Behind the Tuileries to the west the gardens, which are now open to the town and form a part of it, were then private to the king. Overlooking
them from the north, the great oval of the royal riding-school looked with its tall, mournful windows, and therein, upon benches roughly provided for the passing circumstance, sat the congress of the Revolution. Therein were heard the declamations that hurried on the storm, and in these hot days, when the western casements of the palace stood open at morning, the court within could hear the distant noise of the debates.
That court, with the heavy, lethargic king in the midst of it, still governed in this end of July, 1792. He was still the executive; from him and from those rooms there still proceeded all orders to the armies, all communications with the powers of Europe.

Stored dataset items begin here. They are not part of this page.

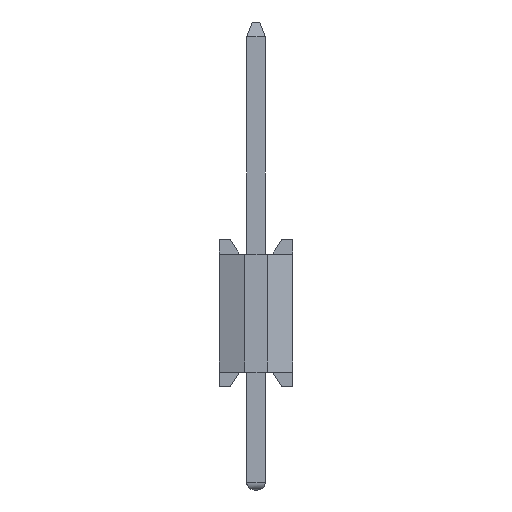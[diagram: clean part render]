
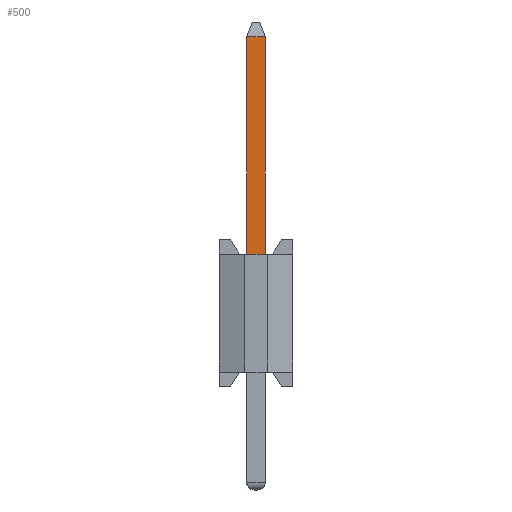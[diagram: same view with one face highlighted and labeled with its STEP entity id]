
A CAD part, left-side view. The second image highlights one B-rep face of the part: STEP entity #500.
In plain terms, the highlighted planar face has unit normal (-1, 0, 0).
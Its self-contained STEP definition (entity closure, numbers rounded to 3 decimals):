
#500=ADVANCED_FACE('',(#1572),#1008,.T.);
#1008=PLANE('',#11079);
#1572=FACE_OUTER_BOUND('',#2164,.T.);
#2164=EDGE_LOOP('',(#4430,#4431,#4432,#4433));
#4430=ORIENTED_EDGE('',*,*,#7464,.F.);
#4431=ORIENTED_EDGE('',*,*,#7460,.T.);
#4432=ORIENTED_EDGE('',*,*,#7465,.T.);
#4433=ORIENTED_EDGE('',*,*,#7466,.F.);
#6166=VERTEX_POINT('',#16226);
#6167=VERTEX_POINT('',#16227);
#6170=VERTEX_POINT('',#16235);
#6171=VERTEX_POINT('',#16237);
#7460=EDGE_CURVE('',#6166,#6167,#8894,.T.);
#7464=EDGE_CURVE('',#6166,#6170,#8898,.T.);
#7465=EDGE_CURVE('',#6167,#6171,#8899,.T.);
#7466=EDGE_CURVE('',#6170,#6171,#8900,.T.);
#8894=LINE('',#16225,#10328);
#8898=LINE('',#16234,#10332);
#8899=LINE('',#16236,#10333);
#8900=LINE('',#16238,#10334);
#10328=VECTOR('',#13147,1.);
#10332=VECTOR('',#13153,1.);
#10333=VECTOR('',#13154,1.);
#10334=VECTOR('',#13155,1.);
#11079=AXIS2_PLACEMENT_3D('',#16239,#13156,#13157);
#13147=DIRECTION('',(0.,-1.,0.));
#13153=DIRECTION('',(0.,0.,1.));
#13154=DIRECTION('',(0.,0.,1.));
#13155=DIRECTION('',(0.,-1.,0.));
#13156=DIRECTION('',(-1.,0.,0.));
#13157=DIRECTION('',(0.,0.,-1.));
#16225=CARTESIAN_POINT('',(0.75,1.25,3.2));
#16226=CARTESIAN_POINT('',(0.75,1.25,3.2));
#16227=CARTESIAN_POINT('',(0.75,0.75,3.2));
#16234=CARTESIAN_POINT('',(0.75,1.25,9.5));
#16235=CARTESIAN_POINT('',(0.75,1.25,9.1));
#16236=CARTESIAN_POINT('',(0.75,0.75,9.5));
#16237=CARTESIAN_POINT('',(0.75,0.75,9.1));
#16238=CARTESIAN_POINT('',(0.75,1.25,9.1));
#16239=CARTESIAN_POINT('',(0.75,1.25,3.2));

A great pomp still surrounded these last hours of the French monarchy. Its ceremonial was still exactly preserved amid the gold, the heavy hangings, and all the splendour of the Bourbons. So long as that centre stood and governed, so long as it betrayed (for it was certainly betraying) the nation in arms, that nation and the great experiment upon which it had embarked were in peril or doomed. For from the Tuileries could go out not only open orders that presumed the defence of the frontiers and resistance to the coming invasion, but secret letters also, very contradictory of these; and one such had gone out in those very days to the peril of the French people. The queen’s letter was an appeal for a proclamation to be issued by the invaders, a manifesto threatening with military execution whatever men or cities might either arrest the foreign armies or insult the shaken and tottering throne of her husband.
The Tuileries, then, thus standing in the midst of Paris, and of Paris armed in militia bodies, swollen with these Revolutionary volunteers from the provinces, was morally a sort of fortress, isolated and held, standing for the enemy in the very heart of the national capital. It must hold out till the invader came, or, if it fell, carry with it the crown.
The Tuileries was not only morally a fortress; it was in some measure an effective fortress as well. A regular force, the royal guard of Swiss mercenaries, was available for its defence; it had cannon, and save against cannon the great building was strong; it expected and received drafts of volunteers of its own that would support the king and could be armed; it possessed good reserves of ammunition. A minority, but a considerable minority, of the wealthier militia in the city, promised a reinforcement to the king. He would have a garrison of some six thousand men if an assault should come.
The very position of the palace strongly aided its defence. The garden behind was well protected; no street flanked it, as the Rue de Rivoli does to-day, but all along the north were houses, the narrow passages through which could easily be held. Upon the south it reposed upon the river, with only the quays between.
If the place was to be taken at all, it could be taken only from the east, the Louvre side; and not from there, it would seem, against any sustained musket-fire from the windows, still less against cannon stationed in the three walled inclosures that stood out before it toward the great courtyard of the Carrousel.
The sultry days with which that August opened were days of a curious hesitation. The invaders, massed under the Duke of Brunswick, beyond the German frontiers, were in column, marching up the Moselle Valley. They had not yet crossed those borders. The secret messages to the enemy, the negotiations between them and the treasonable crown, were still proceeding. The armed militia of Paris, or that majority of it which was ready to act for the Revolution and against the king, drilled, but did not yet move. There was a silence, as it were, or at the most a murmur, throughout the million populace and over all the plain that holds Paris. Quarrels arose, indeed, violent enough, and blows were exchanged, especially where the volunteer contingents from the provinces were feasted. Already by that end of July the news of what the invaders intended was abroad. Their proclamation, which the queen had inspired, was on all men’s lips. Copies of it, printed, had come in from the frontiers. It still suited the crown to pretend that it had not heard of that insult which it had itself drafted.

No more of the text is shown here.